This dataset comprises monthly mean data from a global, transient simulation with the Whole Atmosphere Community Climate Model eXtension (WACCM-X) from 2015 to 2070. WACCM-X is a global atmosphere model covering altitudes from the surface up to ~500 km, i.e., including the troposphere, stratosphere, mesosphere and thermosphere. WACCM-X version 2.0 (Liu et al., 2018) was used, part of the Community Earth System Model (CESM) release 2.1.0 (http://www.cesm.ucar.edu/models/cesm2) made available by the National Center for Atmospheric Research. The model was run in free-running mode with a horizontal resolution of 1.9 degrees latitude and 2.5 degrees longitude (giving 96 latitude points and 144 longitude points) and 126 vertical levels. Further description of the model and simulation setup is provided by Cnossen (2022) and references therein. A large number of variables is included on standard monthly mean output files on the model grid, while selected variables are also offered interpolated to a constant height grid or vertically integrated in height (details below). Zonal mean and global mean output files are included as well.

The data are provided in NetCDF format and file names have the following structure:

f.e210.FXHIST.f19_f19.h1a.cam.h0.[YYYY]-[MM][DFT].nc

where [YYYY] gives the year with 4 digits, [MM] gives the month (2 digits) and [DFT] specifies the data file type. The following data file types are included:

1) Monthly mean output on the full grid for the full set of variables; [DFT] =
2) Zonal mean monthly mean output for the full set of variables; [DFT] = _zm
3) Global mean monthly mean output for the full set of variables; [DFT] = _gm
4) Height-interpolated/-integrated output on the full grid for selected variables; [DFT] = _ht

A cos(latitude) weighting was used when calculating the global means.
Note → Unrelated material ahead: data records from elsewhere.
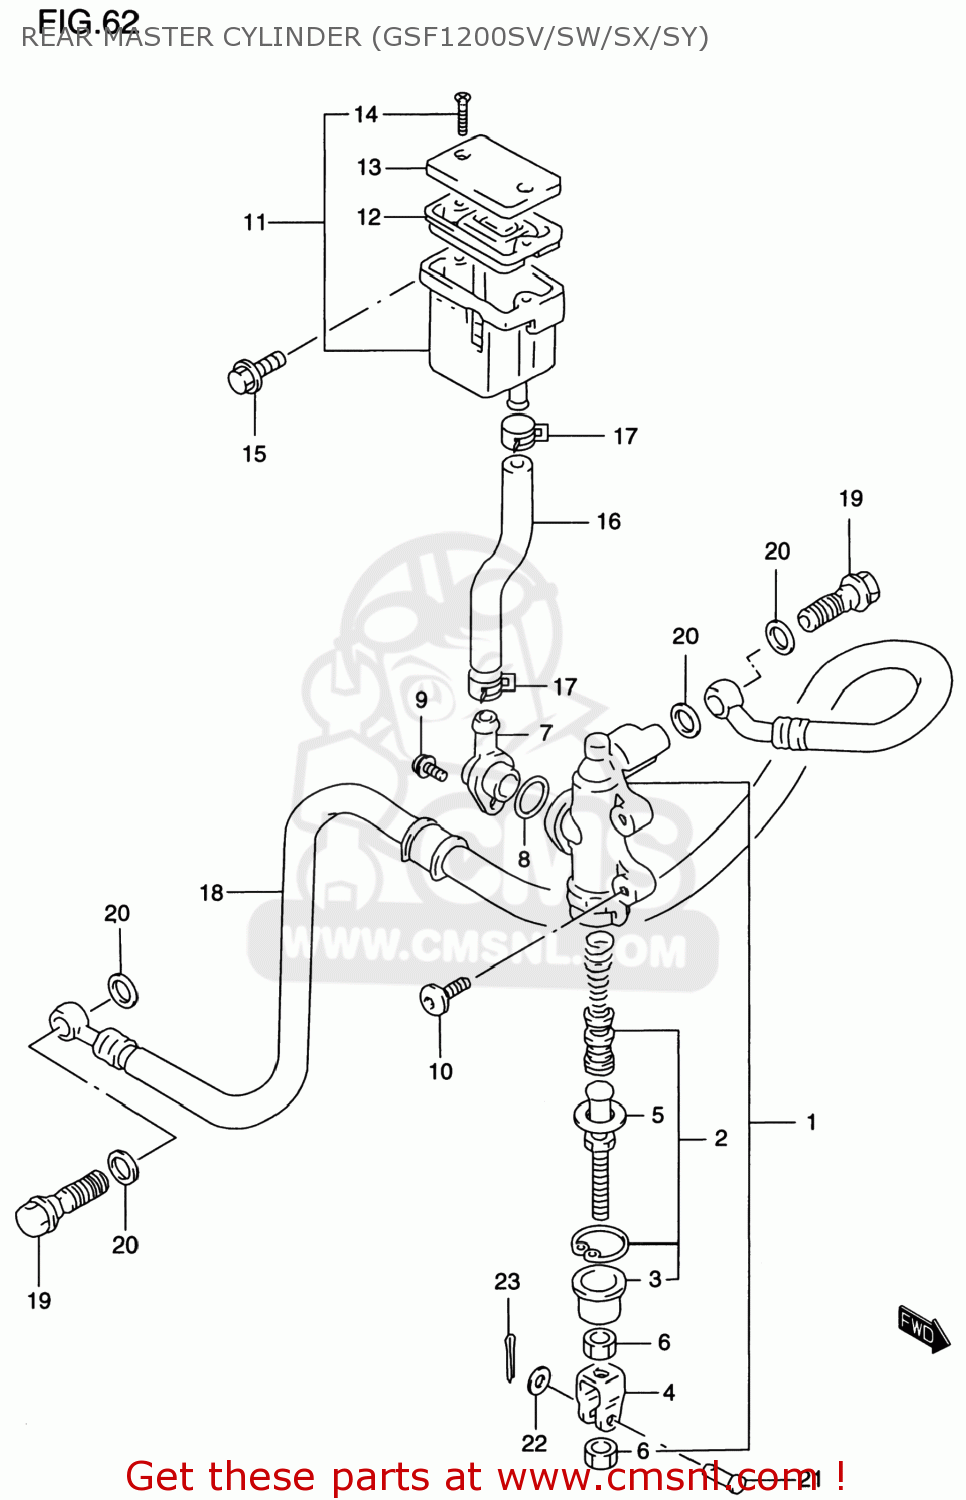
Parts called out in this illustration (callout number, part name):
1	CYLINDER ASSY,RR MASTER
2	PISTON/CUP SET
3	BOOT
4	YOKE
5	ROD,PUSH
6	NUT
7	CONNECTOR
8	O RING
9	SCREW
10	BOLT 8X20
11	TANK ASSY,RESERVOIR
12	DIAPHRAGM
13	CAP
14	SCREW
15	BOLT
16	HOSE,RESERVOIR TANK
17	CLIP
18	HOSE,RR BRAKE
19	BOLT UNION
20	WASHER(10X15X1.5)
21	PIN
22	WASHER
23	PIN
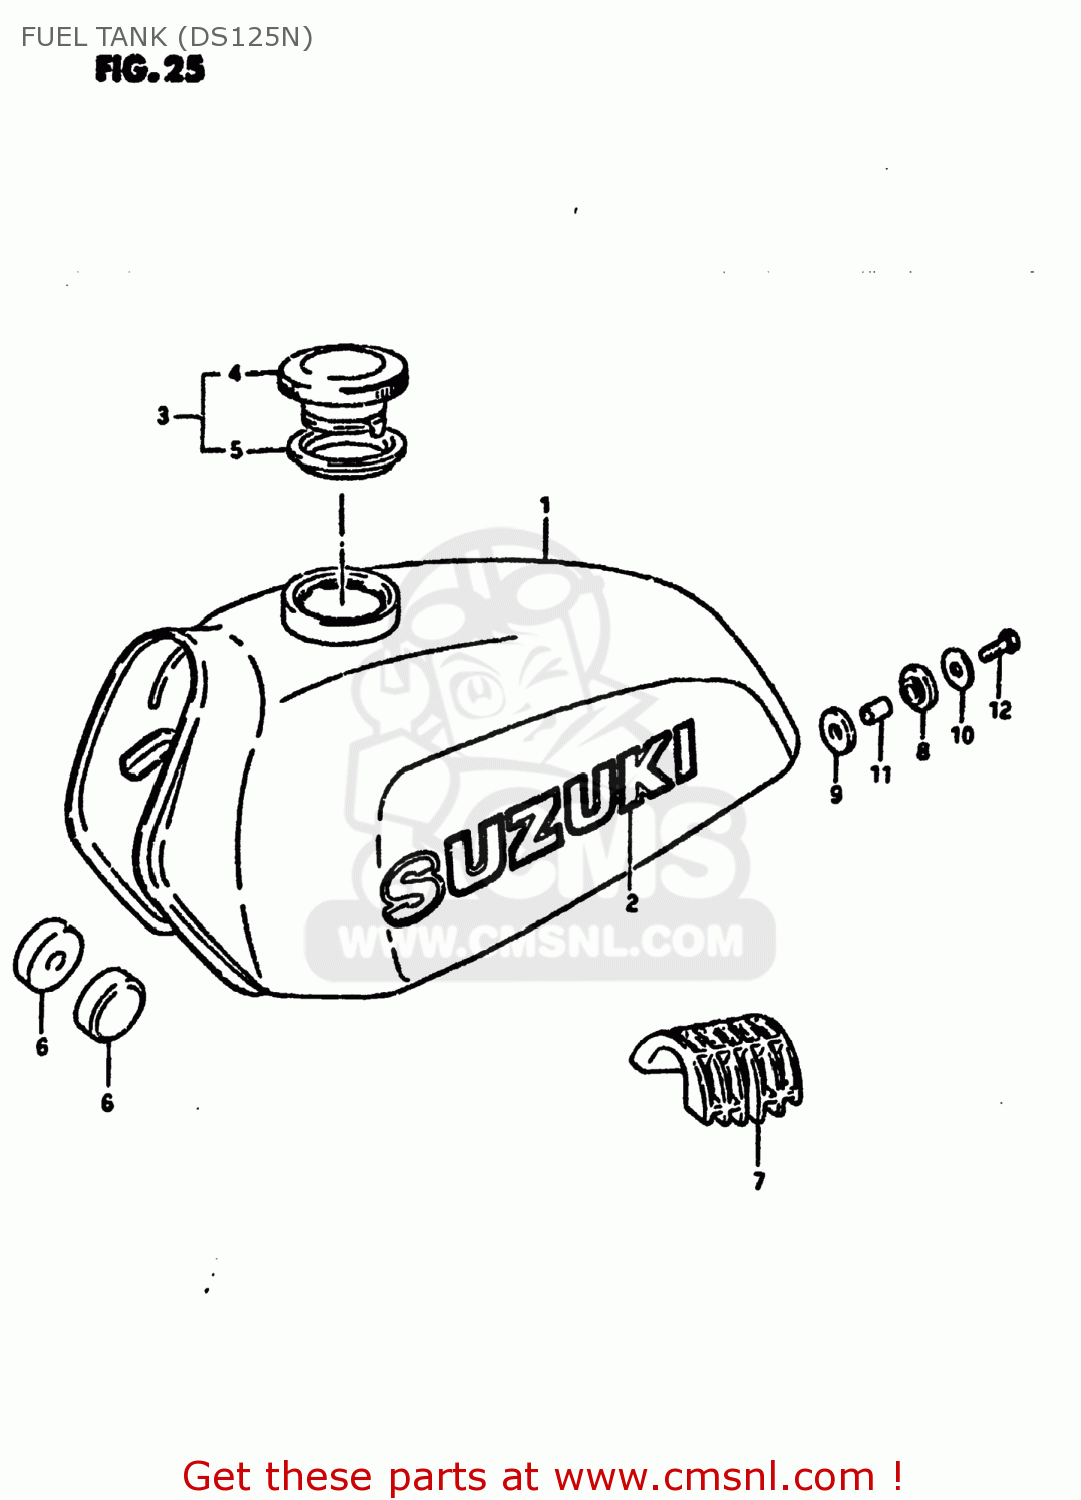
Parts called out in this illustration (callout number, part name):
1	TANK ASSEMBLY,FUEL
2	EMBLEM
3	CAP ASSY,FUEL TANK FILLER
4	CAP,FUEL TANK
5	GASKET (NAS)
6	CUSHION
7	CUSHION
8	CUSHION
9	CUSHION
10	WASHER (8.5X29X1.6)
11	SPACER (8.2X12X17)
12	BOLT (8X30)
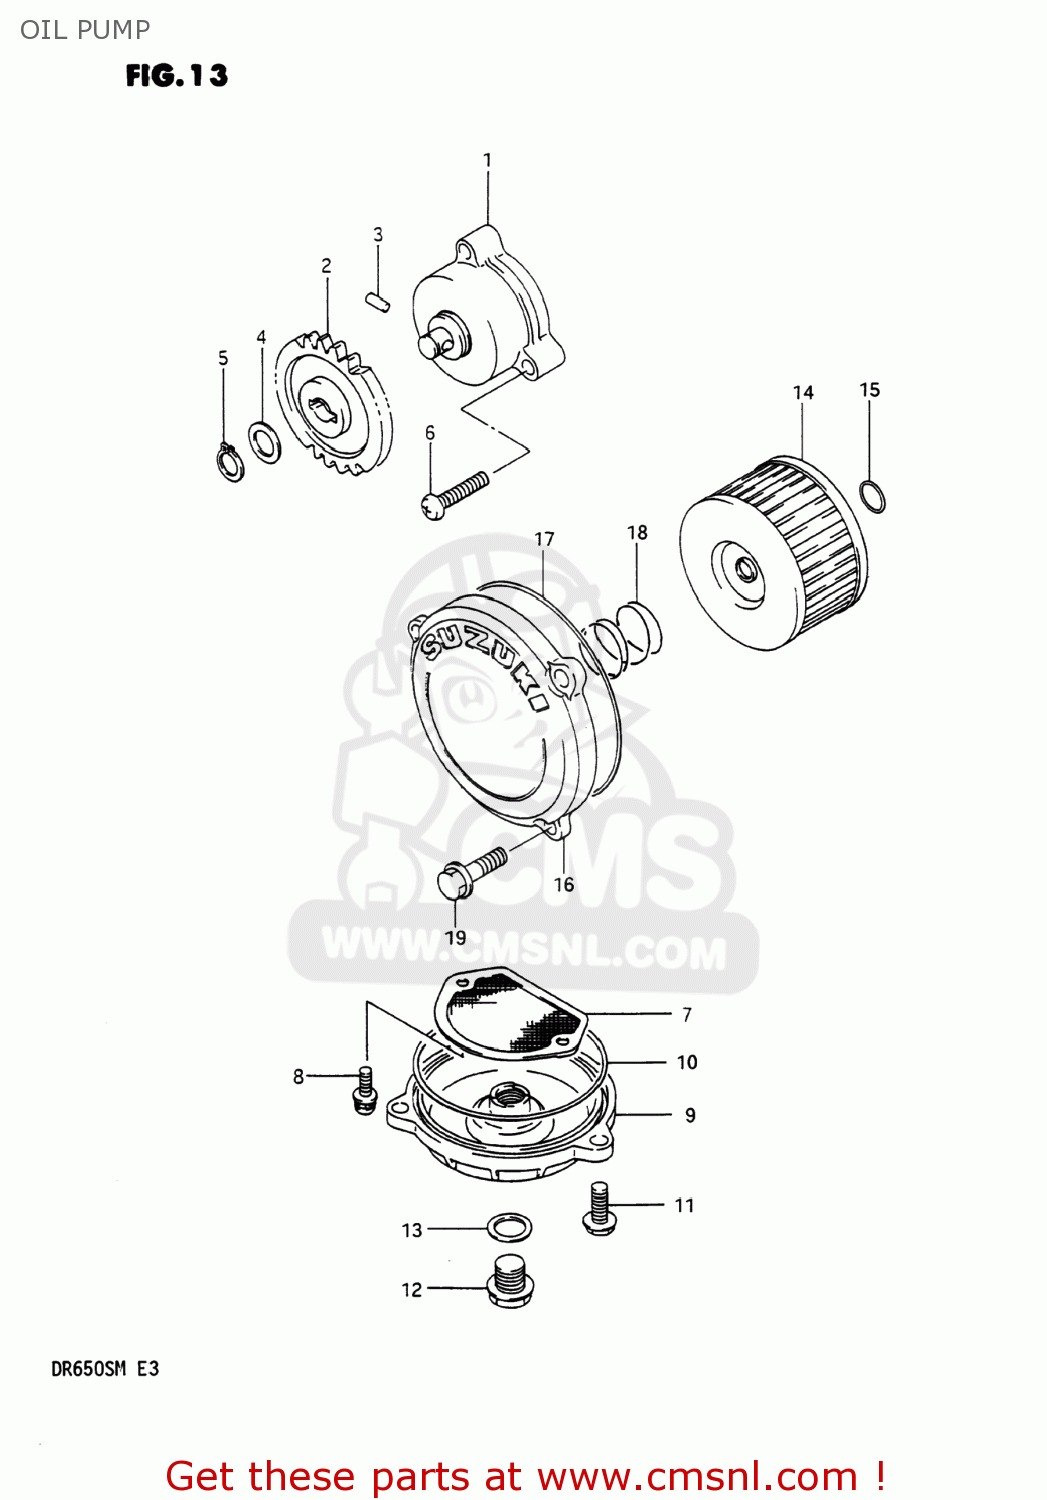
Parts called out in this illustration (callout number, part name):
1	PUMP ASSY,ENGINE OIL
2	GEAR,OIL PUMP DRIVEN
3	PIN(4X15.8)
4	SHIM
5	CIRCLIP
6	SCREW
7	STRAINER,ENGINE OIL
8	SCREW
9	CAP,OIL STRAINER
10	O RING(D:2.4,ID:85)
11	BOLT 6X20
12	PLUG
13	GASKET(14X19.2X2) (NAS)
14	FILTER,ENGINE OIL
15	O RING(D:2.4,ID:15.8)
16	CAP,OIL FILTER
17	O RING(D:2.4,ID:73)
18	SPRING
19	BOLT
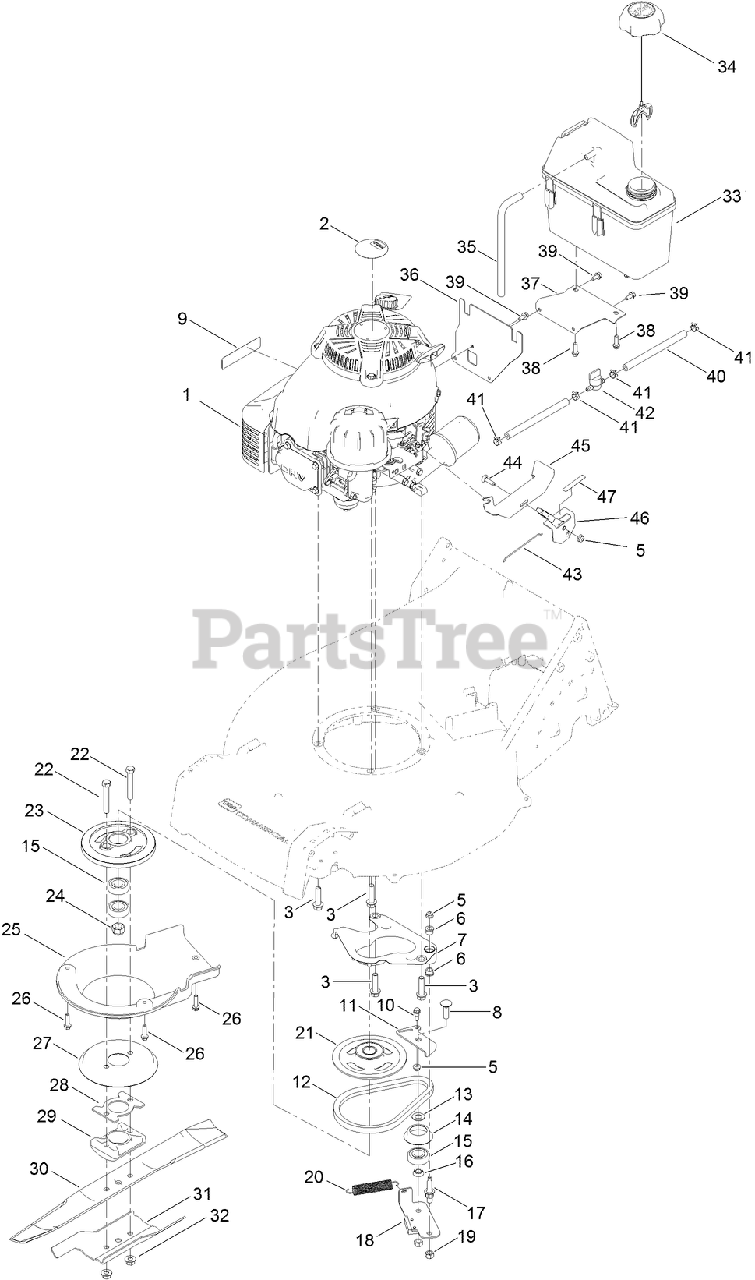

Data were interpolated to a set of constant heights (61 levels in total) using the Z3GM variable (for variables output on midpoints, with 'lev' as the vertical coordinate) or the Z3GMI variable (for variables output on interfaces, with ilev as the vertical coordinate) stored on the original output files (type 1 above). Interpolation was done separately for each longitude, latitude and time.

Mass density (DEN [g/cm3]) was calculated from the M_dens, N2_vmr, O2, and O variables on the original data files before interpolation to constant height levels.

The Joule heating power QJ [W/m3] was calculated using
Q_J = (sigma_P*B^2)*((u_i - U_n)^2 + (v_i-v_n)^2 + (w_i-w_n)^2)
with sigma_P = Pedersen conductivity[S], B = geomagnetic field strength [T], ui, vi, and wi = zonal, meridional, and vertical ion velocities [m/s] and un, vn, and wn = neutral wind velocities [m/s]. QJ was integrated vertically in height (using a 2.5 km height grid spacing rather than the 61 levels on output file type 4) to give the JHH variable on the type 4 data files. The QJOULE variable also given is the Joule heating rate [K/s] at each of the 61 height levels.

All data are provided as monthly mean files with one time record per file, giving 672 files for each data file type for the period 2015-2070 (56 years).

References:

Cnossen, I. (2022), A realistic projection of climate change in the upper atmosphere into the 21st century, in preparation.

Liu, H.-L., C.G. Bardeen, B.T. Foster, et al. (2018), Development and validation of the Whole Atmosphere Community Climate Model with thermosphere and ionosphere extension (WACCM-X 2.0), Journal of Advances in Modeling Earth Systems, 10(2), 381-402, doi:10.1002/2017ms001232.